[The task]
Transcribe all of the data exactly, leaving nothing out.

• • • • • • •

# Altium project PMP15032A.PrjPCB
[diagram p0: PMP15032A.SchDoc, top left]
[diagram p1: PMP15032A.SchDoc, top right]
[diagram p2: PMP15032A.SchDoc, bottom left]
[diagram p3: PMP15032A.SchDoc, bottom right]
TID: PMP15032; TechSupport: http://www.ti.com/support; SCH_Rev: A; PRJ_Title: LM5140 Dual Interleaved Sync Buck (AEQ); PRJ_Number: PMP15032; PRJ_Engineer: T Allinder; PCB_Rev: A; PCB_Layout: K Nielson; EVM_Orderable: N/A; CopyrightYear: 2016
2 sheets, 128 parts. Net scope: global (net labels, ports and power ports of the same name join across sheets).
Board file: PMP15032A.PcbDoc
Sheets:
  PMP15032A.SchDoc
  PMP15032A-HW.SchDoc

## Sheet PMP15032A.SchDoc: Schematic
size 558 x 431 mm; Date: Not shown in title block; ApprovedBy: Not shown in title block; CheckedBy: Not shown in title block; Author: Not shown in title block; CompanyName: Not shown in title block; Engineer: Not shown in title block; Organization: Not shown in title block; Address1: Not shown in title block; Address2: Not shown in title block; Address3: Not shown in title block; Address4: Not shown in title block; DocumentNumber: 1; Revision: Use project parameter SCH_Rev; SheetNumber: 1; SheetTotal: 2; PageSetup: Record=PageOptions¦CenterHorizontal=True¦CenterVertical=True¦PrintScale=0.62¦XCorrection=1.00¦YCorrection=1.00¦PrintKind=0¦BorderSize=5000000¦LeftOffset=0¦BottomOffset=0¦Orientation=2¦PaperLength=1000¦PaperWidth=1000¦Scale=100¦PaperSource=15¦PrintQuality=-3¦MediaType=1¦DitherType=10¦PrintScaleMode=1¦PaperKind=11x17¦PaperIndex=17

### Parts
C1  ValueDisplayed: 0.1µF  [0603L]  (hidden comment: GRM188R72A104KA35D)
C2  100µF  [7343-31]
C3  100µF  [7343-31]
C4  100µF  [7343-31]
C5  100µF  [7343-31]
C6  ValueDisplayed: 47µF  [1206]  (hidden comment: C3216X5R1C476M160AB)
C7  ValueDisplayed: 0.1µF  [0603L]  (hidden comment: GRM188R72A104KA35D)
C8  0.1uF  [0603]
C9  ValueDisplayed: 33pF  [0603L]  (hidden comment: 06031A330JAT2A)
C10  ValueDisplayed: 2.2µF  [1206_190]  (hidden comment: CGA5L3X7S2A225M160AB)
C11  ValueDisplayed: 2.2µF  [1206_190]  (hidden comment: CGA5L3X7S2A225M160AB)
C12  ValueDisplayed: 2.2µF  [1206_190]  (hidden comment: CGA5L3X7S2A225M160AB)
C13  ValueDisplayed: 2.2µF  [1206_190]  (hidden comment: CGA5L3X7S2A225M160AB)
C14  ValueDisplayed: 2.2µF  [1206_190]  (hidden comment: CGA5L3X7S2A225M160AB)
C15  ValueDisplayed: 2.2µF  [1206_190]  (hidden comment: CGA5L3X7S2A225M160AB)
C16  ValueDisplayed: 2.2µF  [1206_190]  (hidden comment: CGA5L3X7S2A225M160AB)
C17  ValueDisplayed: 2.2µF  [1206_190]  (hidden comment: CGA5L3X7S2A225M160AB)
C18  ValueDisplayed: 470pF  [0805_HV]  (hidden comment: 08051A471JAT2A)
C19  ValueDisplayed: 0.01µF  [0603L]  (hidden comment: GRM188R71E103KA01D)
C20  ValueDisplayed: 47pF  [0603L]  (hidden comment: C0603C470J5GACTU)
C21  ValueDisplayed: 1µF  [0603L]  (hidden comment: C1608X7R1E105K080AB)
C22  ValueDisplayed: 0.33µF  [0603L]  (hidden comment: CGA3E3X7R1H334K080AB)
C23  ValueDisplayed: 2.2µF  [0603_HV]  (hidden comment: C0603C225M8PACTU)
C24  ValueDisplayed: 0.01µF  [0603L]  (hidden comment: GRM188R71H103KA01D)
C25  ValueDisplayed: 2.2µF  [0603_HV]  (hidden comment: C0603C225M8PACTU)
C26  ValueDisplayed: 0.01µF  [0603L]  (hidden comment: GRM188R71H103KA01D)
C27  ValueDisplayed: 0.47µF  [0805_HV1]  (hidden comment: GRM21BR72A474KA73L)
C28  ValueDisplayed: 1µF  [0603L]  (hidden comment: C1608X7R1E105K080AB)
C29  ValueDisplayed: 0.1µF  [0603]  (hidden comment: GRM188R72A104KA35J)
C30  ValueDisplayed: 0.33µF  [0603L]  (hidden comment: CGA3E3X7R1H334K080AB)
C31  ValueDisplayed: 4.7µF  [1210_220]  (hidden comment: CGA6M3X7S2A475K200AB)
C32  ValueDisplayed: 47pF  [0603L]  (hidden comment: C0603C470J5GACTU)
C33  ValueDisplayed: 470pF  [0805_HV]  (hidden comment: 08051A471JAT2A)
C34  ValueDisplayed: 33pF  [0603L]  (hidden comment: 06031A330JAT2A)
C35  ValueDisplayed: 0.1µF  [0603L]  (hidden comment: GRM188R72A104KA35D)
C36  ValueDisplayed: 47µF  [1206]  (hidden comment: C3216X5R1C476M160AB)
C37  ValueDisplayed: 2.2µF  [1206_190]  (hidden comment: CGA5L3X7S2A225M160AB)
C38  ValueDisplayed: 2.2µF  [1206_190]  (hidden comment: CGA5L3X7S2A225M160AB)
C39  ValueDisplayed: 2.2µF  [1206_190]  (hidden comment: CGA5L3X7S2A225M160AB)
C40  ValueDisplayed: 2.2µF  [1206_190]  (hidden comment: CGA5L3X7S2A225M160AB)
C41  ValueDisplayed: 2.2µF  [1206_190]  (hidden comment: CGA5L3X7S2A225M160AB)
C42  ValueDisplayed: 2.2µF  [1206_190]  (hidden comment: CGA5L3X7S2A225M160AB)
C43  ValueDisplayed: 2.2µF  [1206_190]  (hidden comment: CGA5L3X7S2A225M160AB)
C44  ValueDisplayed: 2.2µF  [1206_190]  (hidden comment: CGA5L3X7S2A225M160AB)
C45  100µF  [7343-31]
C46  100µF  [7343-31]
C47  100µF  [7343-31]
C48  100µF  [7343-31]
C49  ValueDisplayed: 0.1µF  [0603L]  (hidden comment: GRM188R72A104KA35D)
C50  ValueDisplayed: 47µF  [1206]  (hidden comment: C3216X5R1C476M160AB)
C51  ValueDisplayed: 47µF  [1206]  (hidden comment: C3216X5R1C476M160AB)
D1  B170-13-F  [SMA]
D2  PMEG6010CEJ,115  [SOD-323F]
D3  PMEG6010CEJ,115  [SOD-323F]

• • • • • • •

[Solved exercise]
# Altium project PMP15032A.PrjPCB
[diagram p0: PMP15032A.SchDoc, top left]
[diagram p1: PMP15032A.SchDoc, top right]
[diagram p2: PMP15032A.SchDoc, bottom left]
[diagram p3: PMP15032A.SchDoc, bottom right]
TID: PMP15032; TechSupport: http://www.ti.com/support; SCH_Rev: A; PRJ_Title: LM5140 Dual Interleaved Sync Buck (AEQ); PRJ_Number: PMP15032; PRJ_Engineer: T Allinder; PCB_Rev: A; PCB_Layout: K Nielson; EVM_Orderable: N/A; CopyrightYear: 2016
2 sheets, 128 parts. Net scope: global (net labels, ports and power ports of the same name join across sheets).
Board file: PMP15032A.PcbDoc
Sheets:
  PMP15032A.SchDoc
  PMP15032A-HW.SchDoc

## Sheet PMP15032A.SchDoc: Schematic
size 558 x 431 mm; Date: Not shown in title block; ApprovedBy: Not shown in title block; CheckedBy: Not shown in title block; Author: Not shown in title block; CompanyName: Not shown in title block; Engineer: Not shown in title block; Organization: Not shown in title block; Address1: Not shown in title block; Address2: Not shown in title block; Address3: Not shown in title block; Address4: Not shown in title block; DocumentNumber: 1; Revision: Use project parameter SCH_Rev; SheetNumber: 1; SheetTotal: 2; PageSetup: Record=PageOptions¦CenterHorizontal=True¦CenterVertical=True¦PrintScale=0.62¦XCorrection=1.00¦YCorrection=1.00¦PrintKind=0¦BorderSize=5000000¦LeftOffset=0¦BottomOffset=0¦Orientation=2¦PaperLength=1000¦PaperWidth=1000¦Scale=100¦PaperSource=15¦PrintQuality=-3¦MediaType=1¦DitherType=10¦PrintScaleMode=1¦PaperKind=11x17¦PaperIndex=17

### Parts
C1  ValueDisplayed: 0.1µF  [0603L]  (hidden comment: GRM188R72A104KA35D)
C2  100µF  [7343-31]
C3  100µF  [7343-31]
C4  100µF  [7343-31]
C5  100µF  [7343-31]
C6  ValueDisplayed: 47µF  [1206]  (hidden comment: C3216X5R1C476M160AB)
C7  ValueDisplayed: 0.1µF  [0603L]  (hidden comment: GRM188R72A104KA35D)
C8  0.1uF  [0603]
C9  ValueDisplayed: 33pF  [0603L]  (hidden comment: 06031A330JAT2A)
C10  ValueDisplayed: 2.2µF  [1206_190]  (hidden comment: CGA5L3X7S2A225M160AB)
C11  ValueDisplayed: 2.2µF  [1206_190]  (hidden comment: CGA5L3X7S2A225M160AB)
C12  ValueDisplayed: 2.2µF  [1206_190]  (hidden comment: CGA5L3X7S2A225M160AB)
C13  ValueDisplayed: 2.2µF  [1206_190]  (hidden comment: CGA5L3X7S2A225M160AB)
C14  ValueDisplayed: 2.2µF  [1206_190]  (hidden comment: CGA5L3X7S2A225M160AB)
C15  ValueDisplayed: 2.2µF  [1206_190]  (hidden comment: CGA5L3X7S2A225M160AB)
C16  ValueDisplayed: 2.2µF  [1206_190]  (hidden comment: CGA5L3X7S2A225M160AB)
C17  ValueDisplayed: 2.2µF  [1206_190]  (hidden comment: CGA5L3X7S2A225M160AB)
C18  ValueDisplayed: 470pF  [0805_HV]  (hidden comment: 08051A471JAT2A)
C19  ValueDisplayed: 0.01µF  [0603L]  (hidden comment: GRM188R71E103KA01D)
C20  ValueDisplayed: 47pF  [0603L]  (hidden comment: C0603C470J5GACTU)
C21  ValueDisplayed: 1µF  [0603L]  (hidden comment: C1608X7R1E105K080AB)
C22  ValueDisplayed: 0.33µF  [0603L]  (hidden comment: CGA3E3X7R1H334K080AB)
C23  ValueDisplayed: 2.2µF  [0603_HV]  (hidden comment: C0603C225M8PACTU)
C24  ValueDisplayed: 0.01µF  [0603L]  (hidden comment: GRM188R71H103KA01D)
C25  ValueDisplayed: 2.2µF  [0603_HV]  (hidden comment: C0603C225M8PACTU)
C26  ValueDisplayed: 0.01µF  [0603L]  (hidden comment: GRM188R71H103KA01D)
C27  ValueDisplayed: 0.47µF  [0805_HV1]  (hidden comment: GRM21BR72A474KA73L)
C28  ValueDisplayed: 1µF  [0603L]  (hidden comment: C1608X7R1E105K080AB)
C29  ValueDisplayed: 0.1µF  [0603]  (hidden comment: GRM188R72A104KA35J)
C30  ValueDisplayed: 0.33µF  [0603L]  (hidden comment: CGA3E3X7R1H334K080AB)
C31  ValueDisplayed: 4.7µF  [1210_220]  (hidden comment: CGA6M3X7S2A475K200AB)
C32  ValueDisplayed: 47pF  [0603L]  (hidden comment: C0603C470J5GACTU)
C33  ValueDisplayed: 470pF  [0805_HV]  (hidden comment: 08051A471JAT2A)
C34  ValueDisplayed: 33pF  [0603L]  (hidden comment: 06031A330JAT2A)
C35  ValueDisplayed: 0.1µF  [0603L]  (hidden comment: GRM188R72A104KA35D)
C36  ValueDisplayed: 47µF  [1206]  (hidden comment: C3216X5R1C476M160AB)
C37  ValueDisplayed: 2.2µF  [1206_190]  (hidden comment: CGA5L3X7S2A225M160AB)
C38  ValueDisplayed: 2.2µF  [1206_190]  (hidden comment: CGA5L3X7S2A225M160AB)
C39  ValueDisplayed: 2.2µF  [1206_190]  (hidden comment: CGA5L3X7S2A225M160AB)
C40  ValueDisplayed: 2.2µF  [1206_190]  (hidden comment: CGA5L3X7S2A225M160AB)
C41  ValueDisplayed: 2.2µF  [1206_190]  (hidden comment: CGA5L3X7S2A225M160AB)
C42  ValueDisplayed: 2.2µF  [1206_190]  (hidden comment: CGA5L3X7S2A225M160AB)
C43  ValueDisplayed: 2.2µF  [1206_190]  (hidden comment: CGA5L3X7S2A225M160AB)
C44  ValueDisplayed: 2.2µF  [1206_190]  (hidden comment: CGA5L3X7S2A225M160AB)
C45  100µF  [7343-31]
C46  100µF  [7343-31]
C47  100µF  [7343-31]
C48  100µF  [7343-31]
C49  ValueDisplayed: 0.1µF  [0603L]  (hidden comment: GRM188R72A104KA35D)
C50  ValueDisplayed: 47µF  [1206]  (hidden comment: C3216X5R1C476M160AB)
C51  ValueDisplayed: 47µF  [1206]  (hidden comment: C3216X5R1C476M160AB)
D1  B170-13-F  [SMA]
D2  PMEG6010CEJ,115  [SOD-323F]
D3  PMEG6010CEJ,115  [SOD-323F]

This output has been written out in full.